WORK ITEM: Please work out how many lines in the entries below include the string "faces", and reply with the number alone.

DATA EXTRACT:
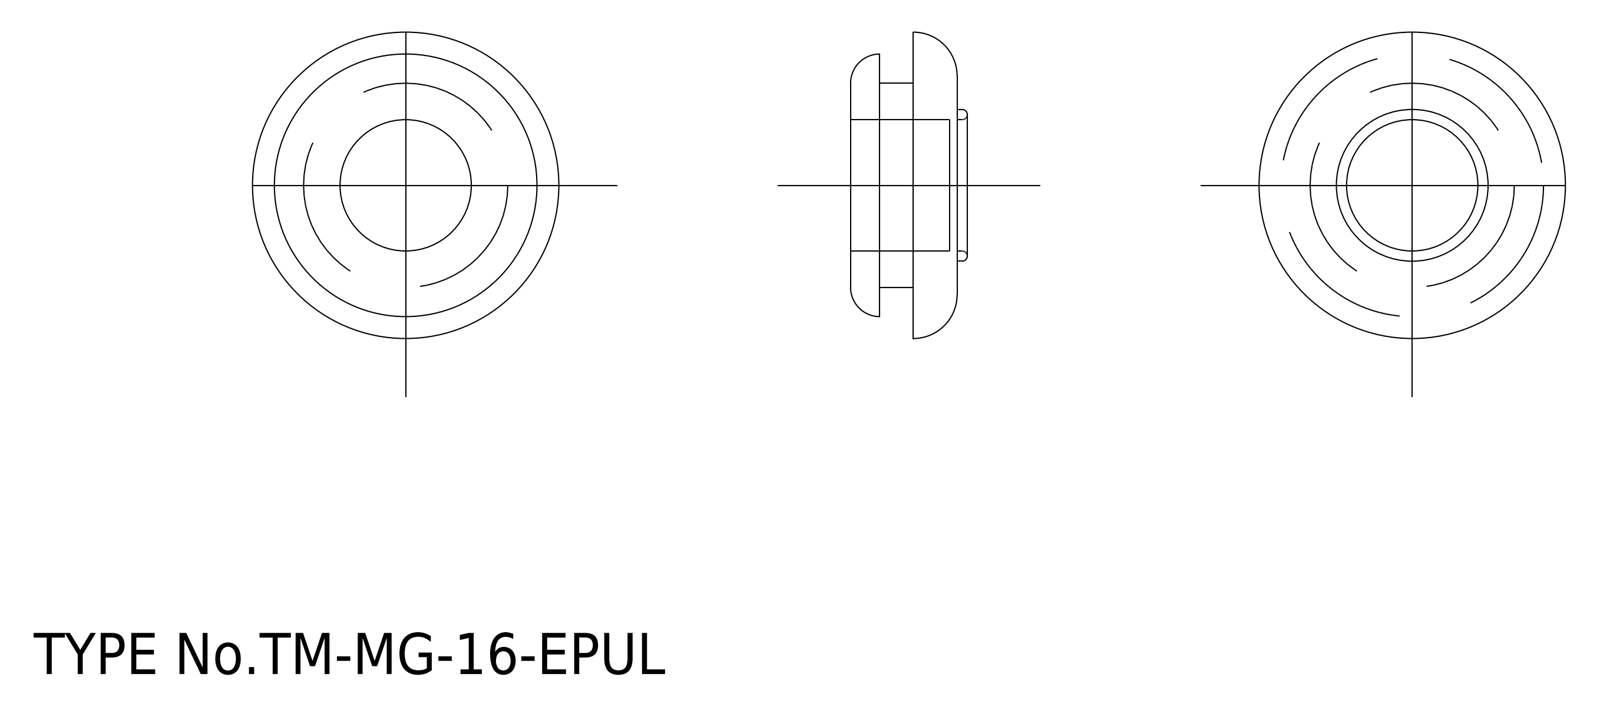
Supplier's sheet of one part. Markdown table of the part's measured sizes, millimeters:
| quantity | value |
| --- | --- |
| STEP written by | spGate 15.6.1 (AUTOMOTIVE_DESIGN) |
| units | millimeters |
| bodies | 1 solid, 20 faces (6 planar, 8 cylindrical, 6 other) |
| overall size | 21 × 21 × 8 |
| volume | 1 317 mm³ |
| surface area | 1 392 mm² |
| round holes (diameter × count) | 9 × 1 |
| round bosses / shafts (diameter × count) | 14 × 1, 10.4 × 1 |
| main face-to-face distances | 3, 2.3, 5.3, 2, 4.3, 7.3, 6.8, 4.8, 2.5, 0.5 |
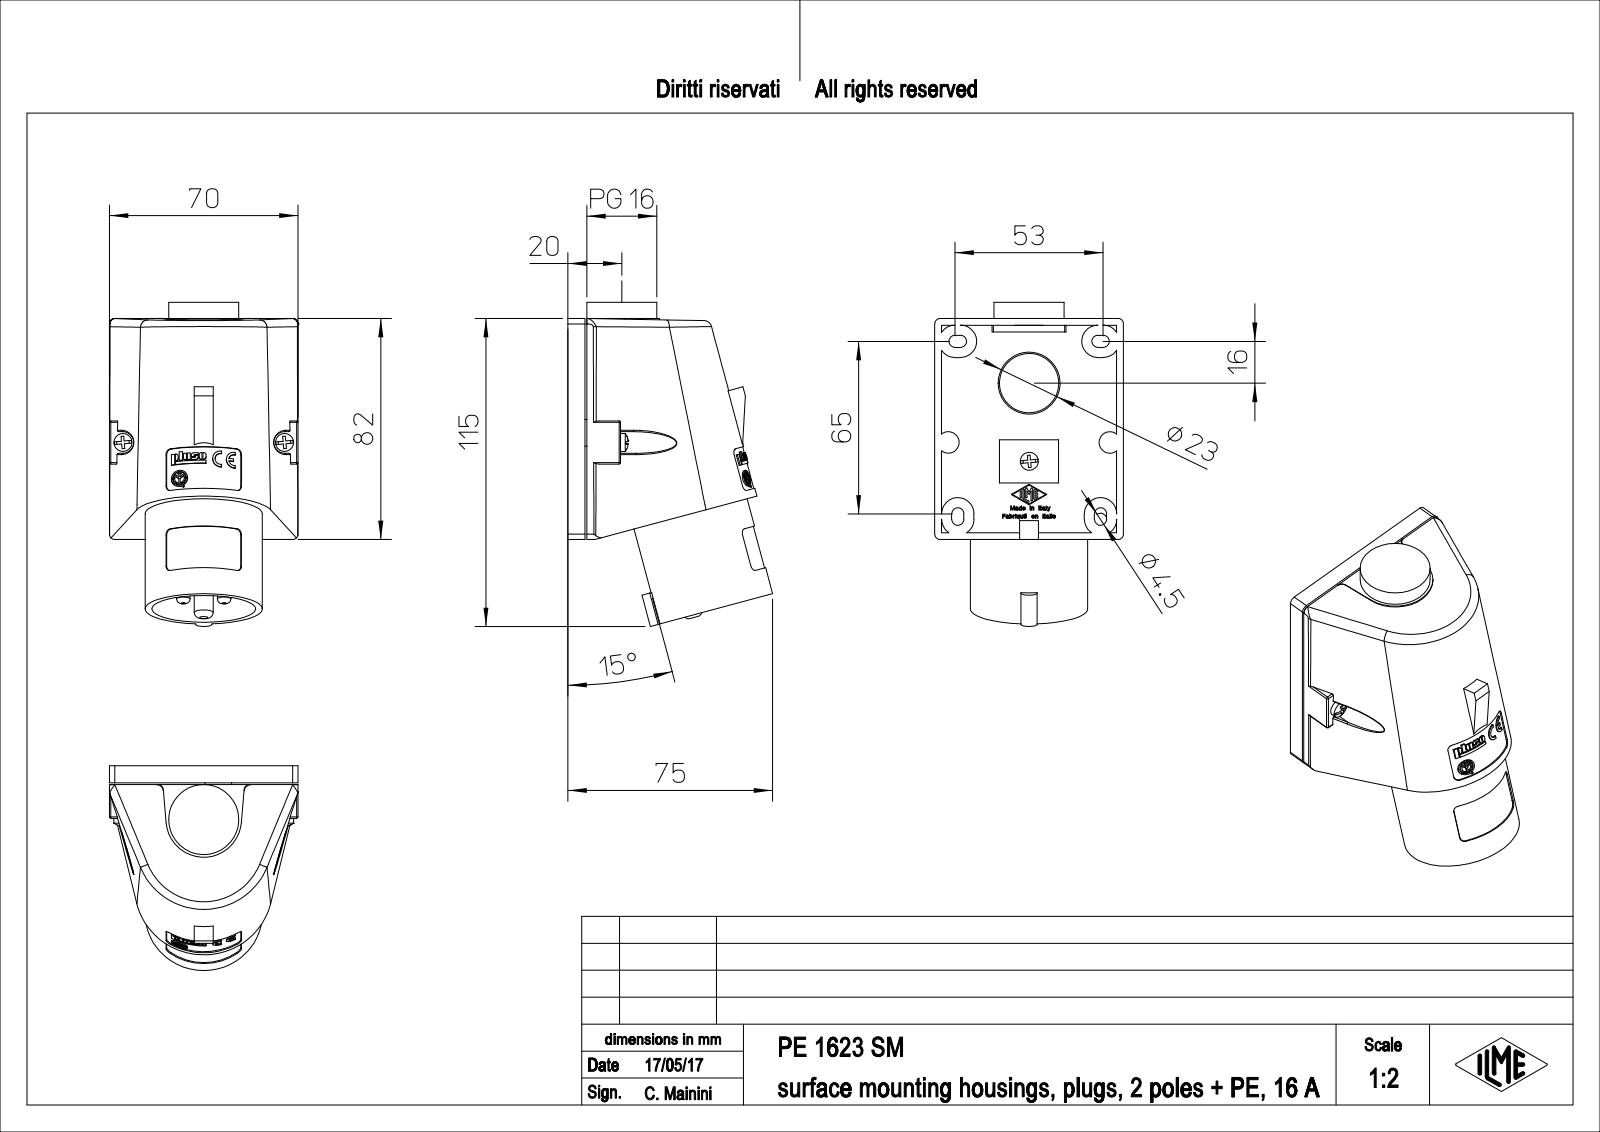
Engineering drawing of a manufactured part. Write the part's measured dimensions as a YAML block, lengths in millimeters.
part_name: "PE_1623_SM"
step_written_by: "PTC Creo Elements/Direct Modeling 19.0E 27-Jun-2016 (C) Parametric Technology GmbH (AUTOMOTIVE_DESIGN)"
units: millimeters
bodies: {solids: 1, faces: 1394, planar: 1127, cylindrical: 167, other: 100}
overall_size: [120.27, 75.98, 70]
volume: 248744
surface_area: 55760
round_holes:
  - {diameter: 3.2, count: 2}
  - {diameter: 4.5, count: 2}
  - {diameter: 4.2, count: 1}
  - {diameter: 5.04, count: 1}
  - {diameter: 21.3, count: 1}
  - {diameter: 23, count: 1}
  - {diameter: 24, count: 1}
  - {diameter: 38.5, count: 1}
round_bosses_or_shafts:
  - {diameter: 6.7, count: 5}
  - {diameter: 5, count: 2}
  - {diameter: 43.5, count: 1}
  - {diameter: 37, count: 1}
  - {diameter: 26, count: 1}
  - {diameter: 7, count: 1}
  - {diameter: 6, count: 1}
partial_cylinders:
  - {radius: 2, count: 16}
  - {radius: 0.25, count: 15}
  - {radius: 0.5, count: 9}
  - {radius: 0.85, count: 9}
  - {radius: 2.25, count: 8}
  - {radius: 4, count: 8}
  - {radius: 6, count: 8}
  - {radius: 0.12, count: 3}
face_to_face_distances: [0.65, 6, 5.35, 7, 1, 6.35, 70, 2.5, 3, 82]
hole_center_spacings: [30.81, 37.2, 29, 60]

EXERCISE SOLUTION: 2